You'll need two accumulators to complete this homework assignment: One going from the front to the back, which steadily increments (so, that'll be for (int i = 0; i < word.length(); i++)), and one which starts at the end and decrements, but not steadily.
The idea is: As you go forward, you inspect the character you find at position i. Then, you use an if, as the question asks you to do different things depending on a condition:
if the character at i is a special character, just add it.
else, add the last non-special character in the string we haven't yet added.
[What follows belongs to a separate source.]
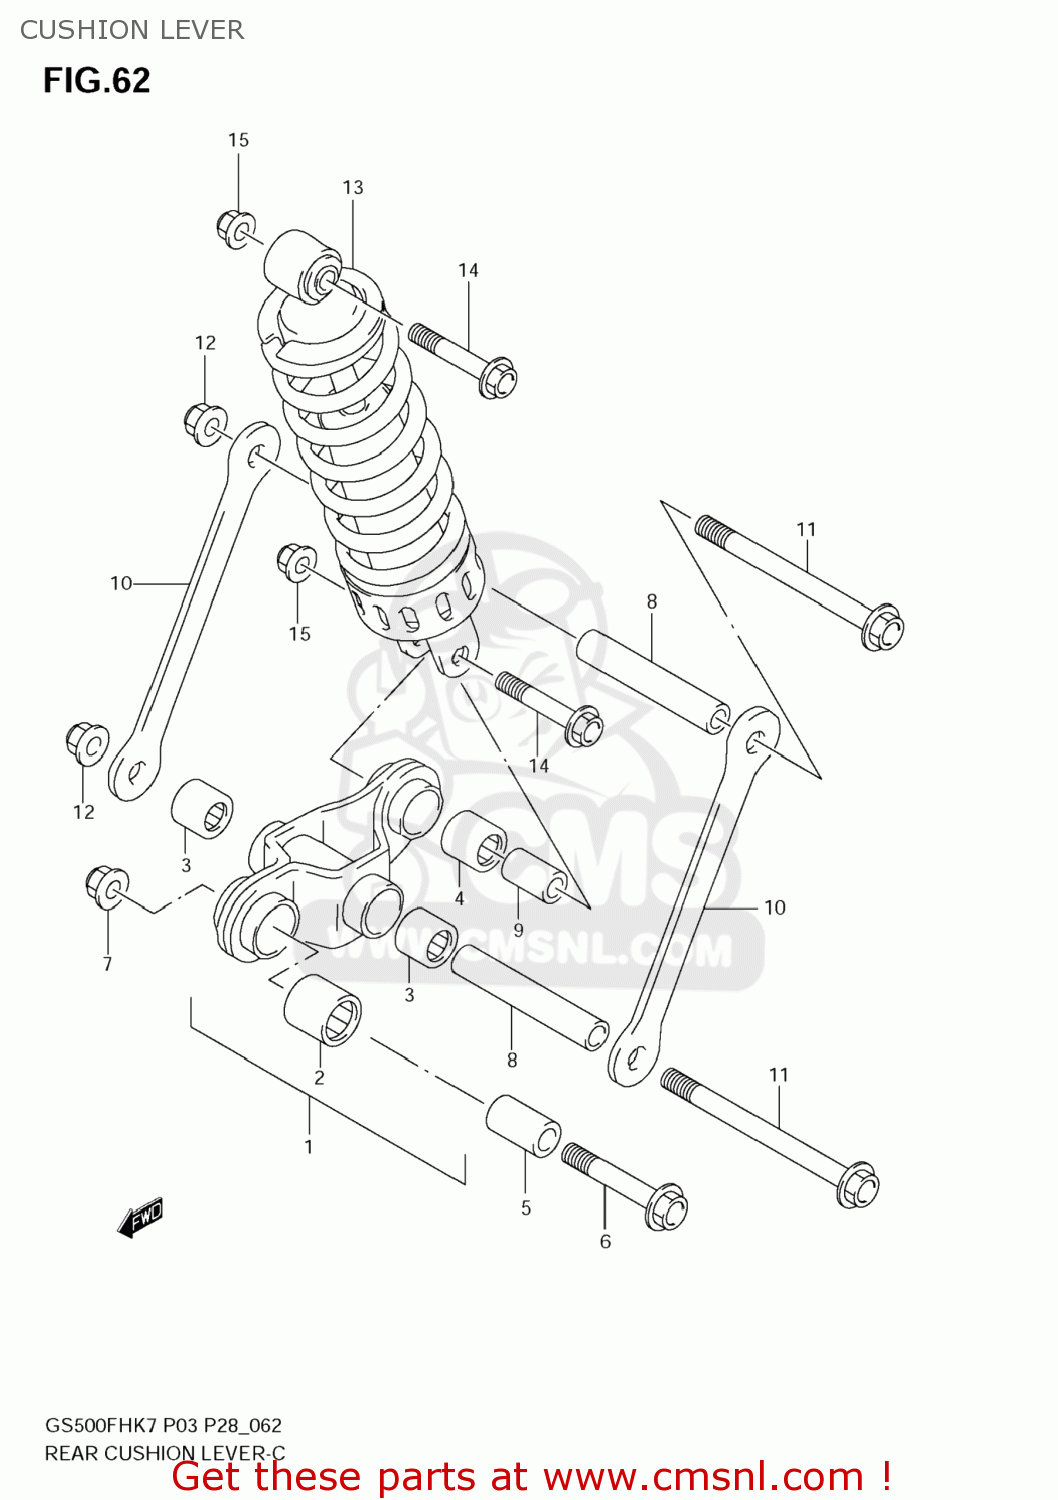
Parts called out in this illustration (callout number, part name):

the if case is trivial. The else case is not. That's where your second accumulator comes in: This one will track where you're at in the string, from the end. This is a loop-in-loop. What you'll need to:
repeat the following algorithm:
If the character at 'j' (which goes from end to start) is a special character, decrement j, and restart this algorithm
Otherwise, that's the 'last non-special character we havent yet added', so add that, decrement j, and escape this algorithm.
The above can be done with, for example, a while or do/while loop. It'll be inside your for loop.
Good luck!
NB: This isn't the only way to do it. For example, you could also eliminate all special characters from the input, do a basic reverse on every word inside, which is a lot simpler than what you have now, as string has a .reverse() method these days, and then, after all that, go through your original input character by character, and for each special character you find, insert that character at that position in your output string. That works too. Whichever strategy you prefer!
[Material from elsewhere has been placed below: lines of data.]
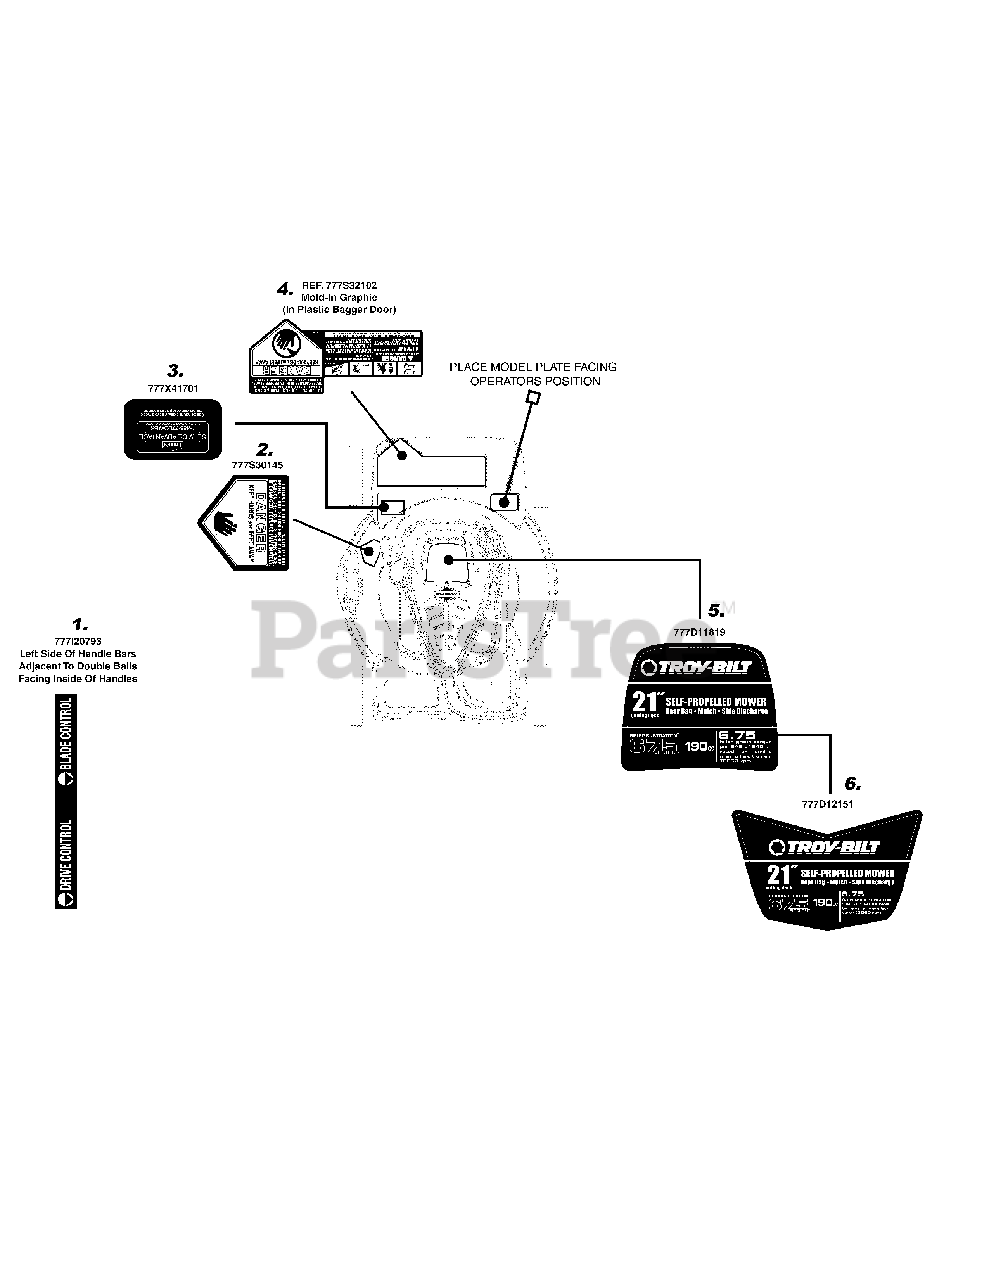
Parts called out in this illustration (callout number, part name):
1	LABEL-HANDLE
2	LABEL
4	LABEL-MOLD-IN GRAPHIC
5	LABEL-MOWER SHROUD TROY 675
6	LABEL-MOWER SHROUD TROY

according to www.geeksforgeeks.org
The Problem:
Given a string, that contains special character together with alphabets (‘a’ to ‘z’ and ‘A’ to ‘Z’), reverse the string in a way that special characters are not affected.
Solution:
Create a temporary character array say temp[].
Copy alphabetic characters from given array to temp[].
Reverse temp[] using standard string reversal algorithm.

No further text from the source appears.